— Но что мне кажется странным и ужасно жалким, так это то, что люди не оказывают сопротивления, — произнёс Лайделл, внезапно вступая в беседу. Напряжённость его тона поразила всех; такая страсть, несмотря на оттенок мольбы, заставила женщин ощутить некое неудобство.
— Как правило, скажу я вам, они охотно покоряются, хотя…
Он заколебался, смутился и опустил взгляд на пол. Нарядная женщина, привлекая внимание, заглушила его слова.
— Ну вот, — смеялась она, — вы постоянно слышите о каком-нибудь человеке, на которого надели смирительную рубашку. Я уверена, он в неё не влез бы, собираясь на бал!
Она непочтительно взглянула на Лайделла, чьи небрежные манеры вызвали её возмущение.
— Люди постоянно находятся под ограничениями. Людская натура этого не признаёт. Здоровая людская натура, верно?

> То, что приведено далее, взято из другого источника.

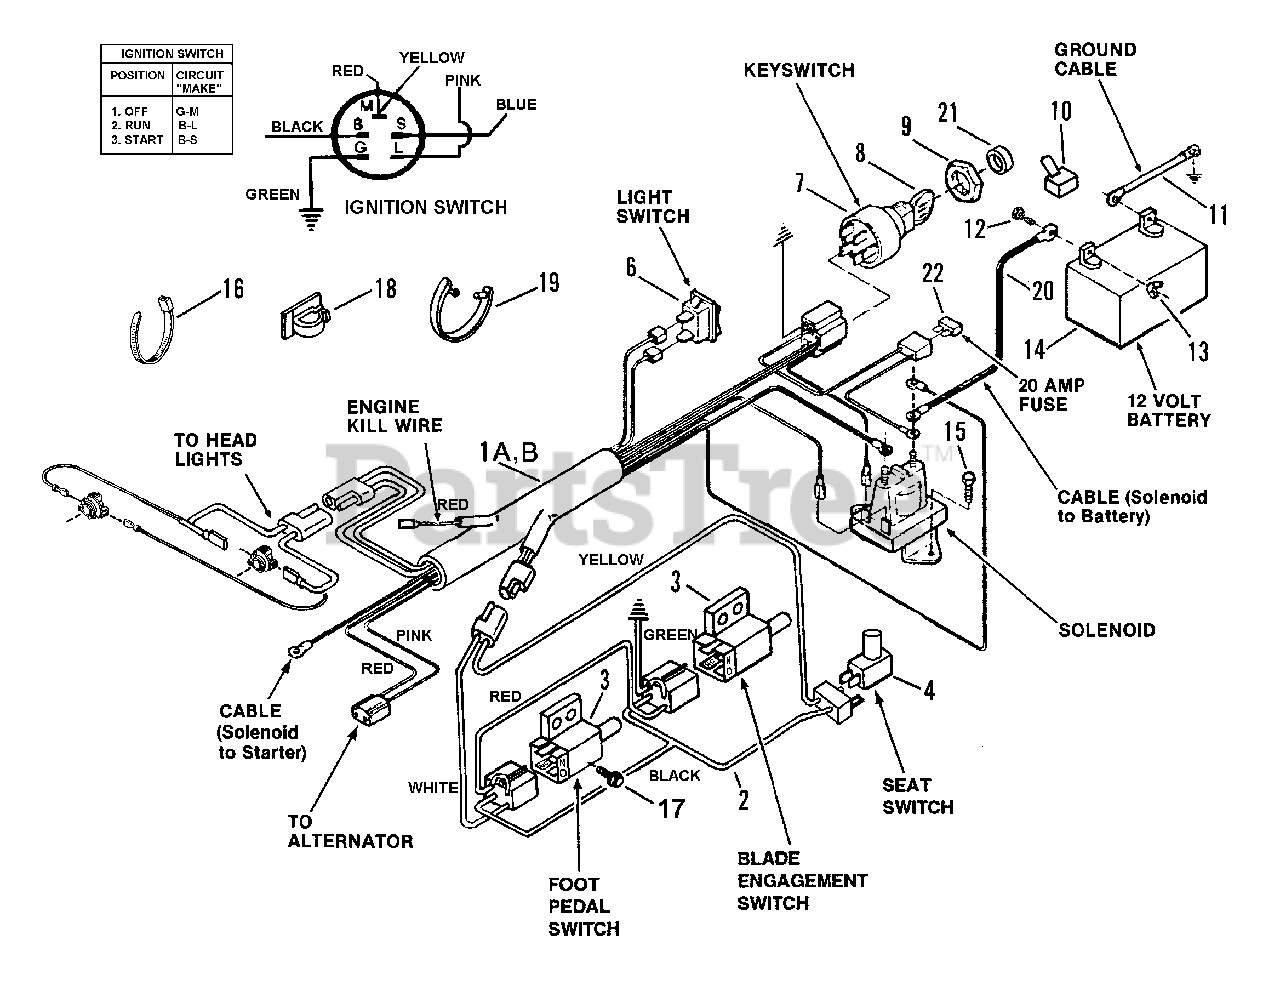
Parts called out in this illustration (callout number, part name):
1A	HARNESS, Wiring
1B	HARNESS, Wiring
2	HARNESS, Interlock
3	SWITCH, Clutch & PTO
4	SWITCH, Seat NC
6	SWITCH, Light
7	SWITCH, Key
8	KEY, Switch (With Cover)
9	NUT, 5/8-32 Hex
10	COVER, Positive Terminal
11	CABLE, Negative 15"
12	BOLT, 1/4-20 x 3/4" Carriage
13	WING NUT, 1/4-20
14	KIT, Battery
15	SCREW, 1/4-20 x 1/2" Self-Tapping
16	TIE, Wire
17	SCREW, #10-24 x 1/2" Hex Washer Self-Tap (Torx)
18	CLIP
19	TIE, Cable 7"
20	CABLE, Positive 11"
21	BEZEL
22	FUSE, 20 Amp
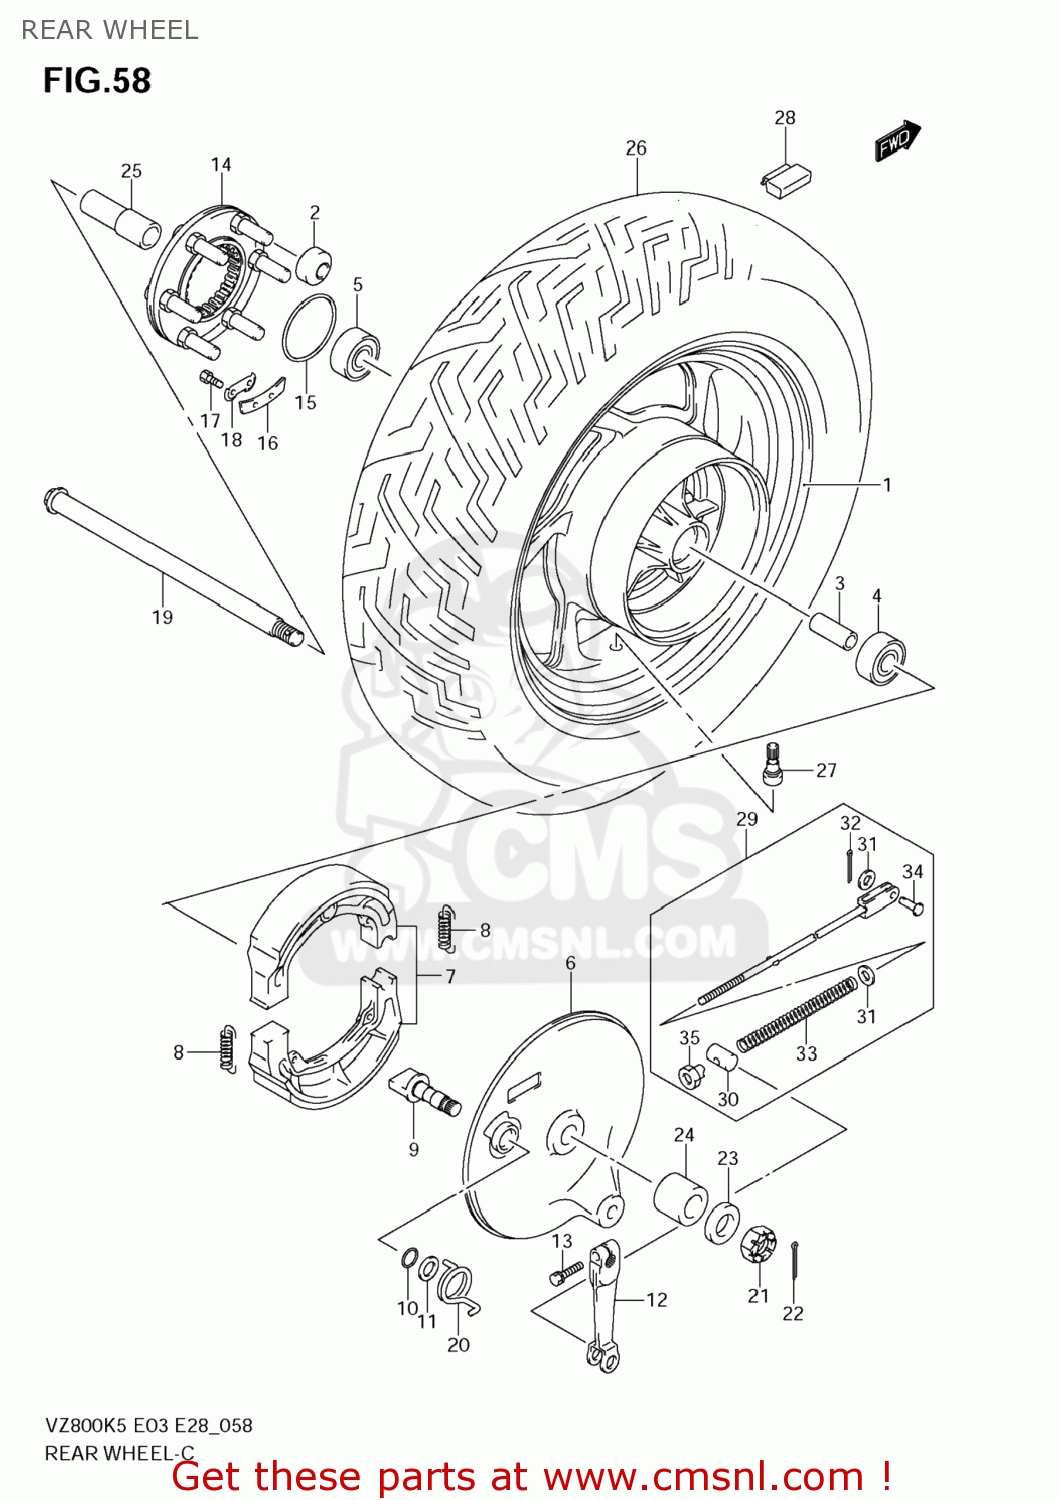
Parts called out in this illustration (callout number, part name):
1	WHEEL,RR(15M/CXMT4.00)
2	BUSH
3	SPACER(17.3X25X99)
4	BEARING
5	BEARING
6	PANEL, REAR BRAKE ANCHOR
7	SHOE SET,BRAKE (NAS)
8	SPRING,BRAKE SHOE
9	CAM,RR BRAKE
10	O RING(D:2.4,ID:14.8)
11	WASHER(15.5X24X1.6)
12	LEVER,RR BRAKE CAM
13	BOLT
14	JOINT ASSY,RR HUB DRIVEN
15	O RING(D:2.1,ID:65)
16	WASHER,THRUST(T:1.6)
17	BOLT(6X16)
18	WASHER
19	AXLE,RR
20	SPRING
21	NUT
22	PIN
23	WASHER(17X30X3.2)
24	SPACER,RR AXLE,R
25	SPACER,RR AXLE,L
26	TIRE,RR(170/80 15M/C 77H)
27	VALVE ASSY,WHEEL RIM(TR412)
28	WEIGHT,WHEEL BALANCE 10G
29	ROD ASSY,RR BRAKE
30	PIN(13X18)
31	WASHER
32	PIN
33	SPRING
34	PIN(L:13.5)
35	NUT
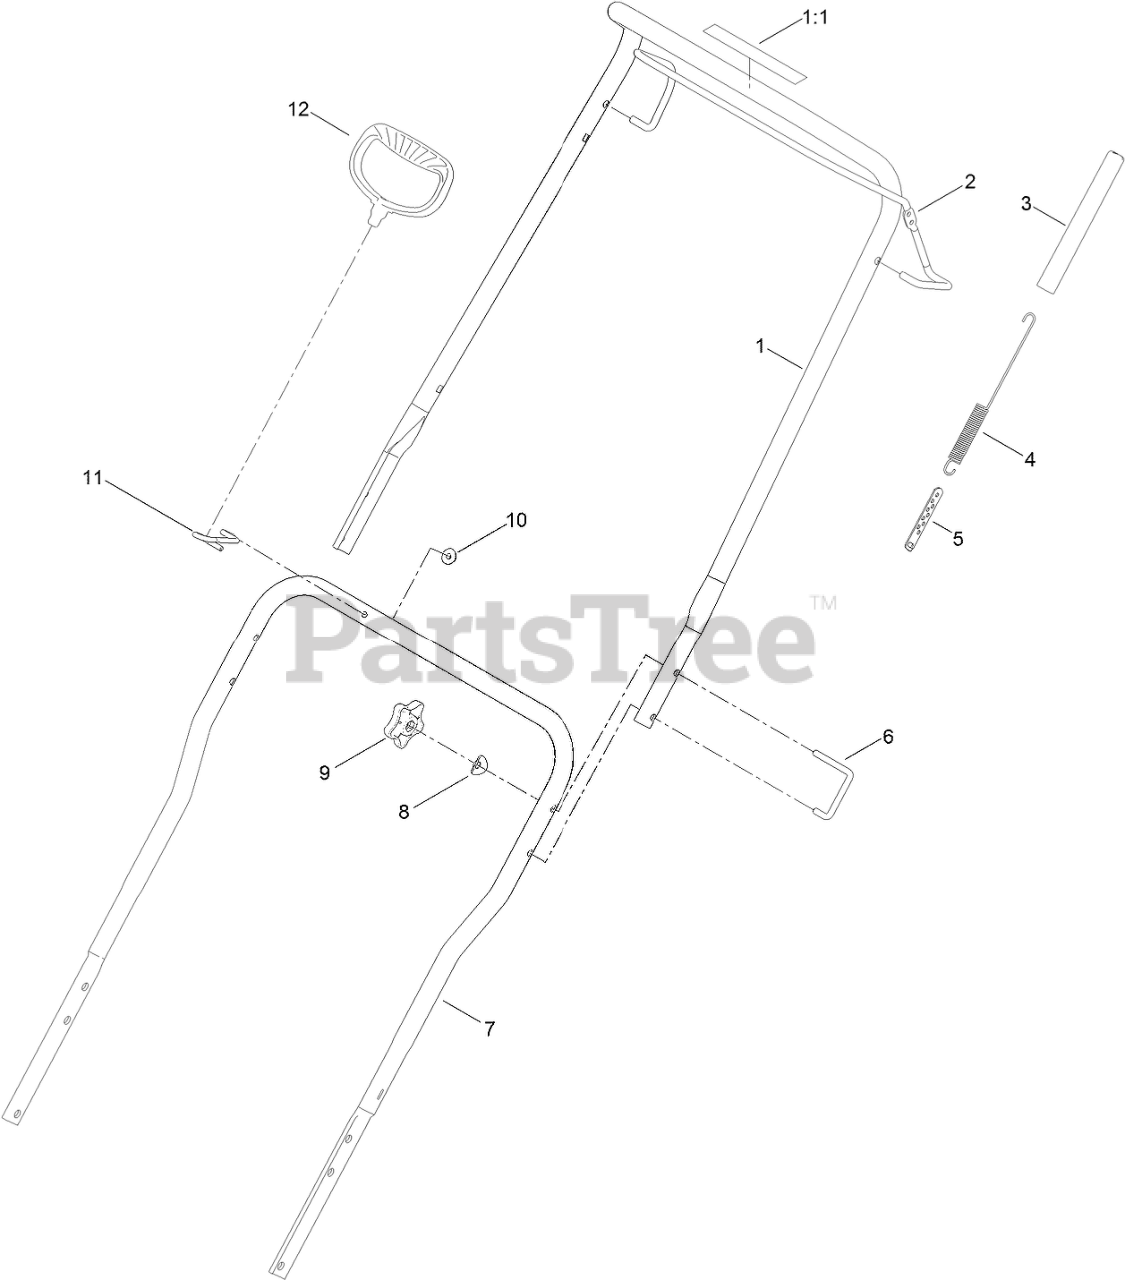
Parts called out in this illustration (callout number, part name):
1	UPPER HANDLE ASM
1:1	DECAL-DRIVE, ROTOR
2	BAIL-CONTROL
3	COVER-SPRING
4	SPRING-EXTENSION, CLUTCH
5	ADJUSTER-CABLE, CLUTCH
6	LOCK-HANDLE
7	HANDLE-LOWER
8	WASHER
9	KNOB-HANDLE
10	NUT-HEX FLG
11	GUIDE-ROPE
12	HANDLE-RECOIL

Но почему-то никто не принял во внимание её вопрос.
— Да, полагаю, это так, — пробормотал вежливый голос, пока сидевшие за чаем в клубе на Дауэр-стрит повернулись к Лайделлу, чьё интересное предложение всё ещё не было закончено. Он мало говорил до этого, а молчаливым людям всегда приписывалась мудрость.
— Вы остановились на «хотя», мистер Лайделл? — помог ему тихий маленький человечек из тёмного угла.
— Я хотел сказать, что хотя человек в таком состоянии рассудка не безумец, — заикаясь, продолжил Лайделл, — но какая-то часть его разума с благодарностью следит за его поступками и приветствует защиту от самого себя. Это кажется отвратительно жалким. Однако… — он снова смутился и запутался в словах, — э-э-э… Мне кажется странным то, что это медленно приводит к навязанным ограничениям вроде смирительной рубашки, наручников и всего остального.
Он поспешно осмотрелся, с долей подозрительности оглядел лица в кругу и снова опустил глаза к полу. Он вздохнул и облокотился на спинку кресла.
Никто не заговорил, и он добавил очень тихим голосом, почти говоря самому себе:
— Не могу этого понять. От них скорее можно было ожидать отчаянного сопротивления.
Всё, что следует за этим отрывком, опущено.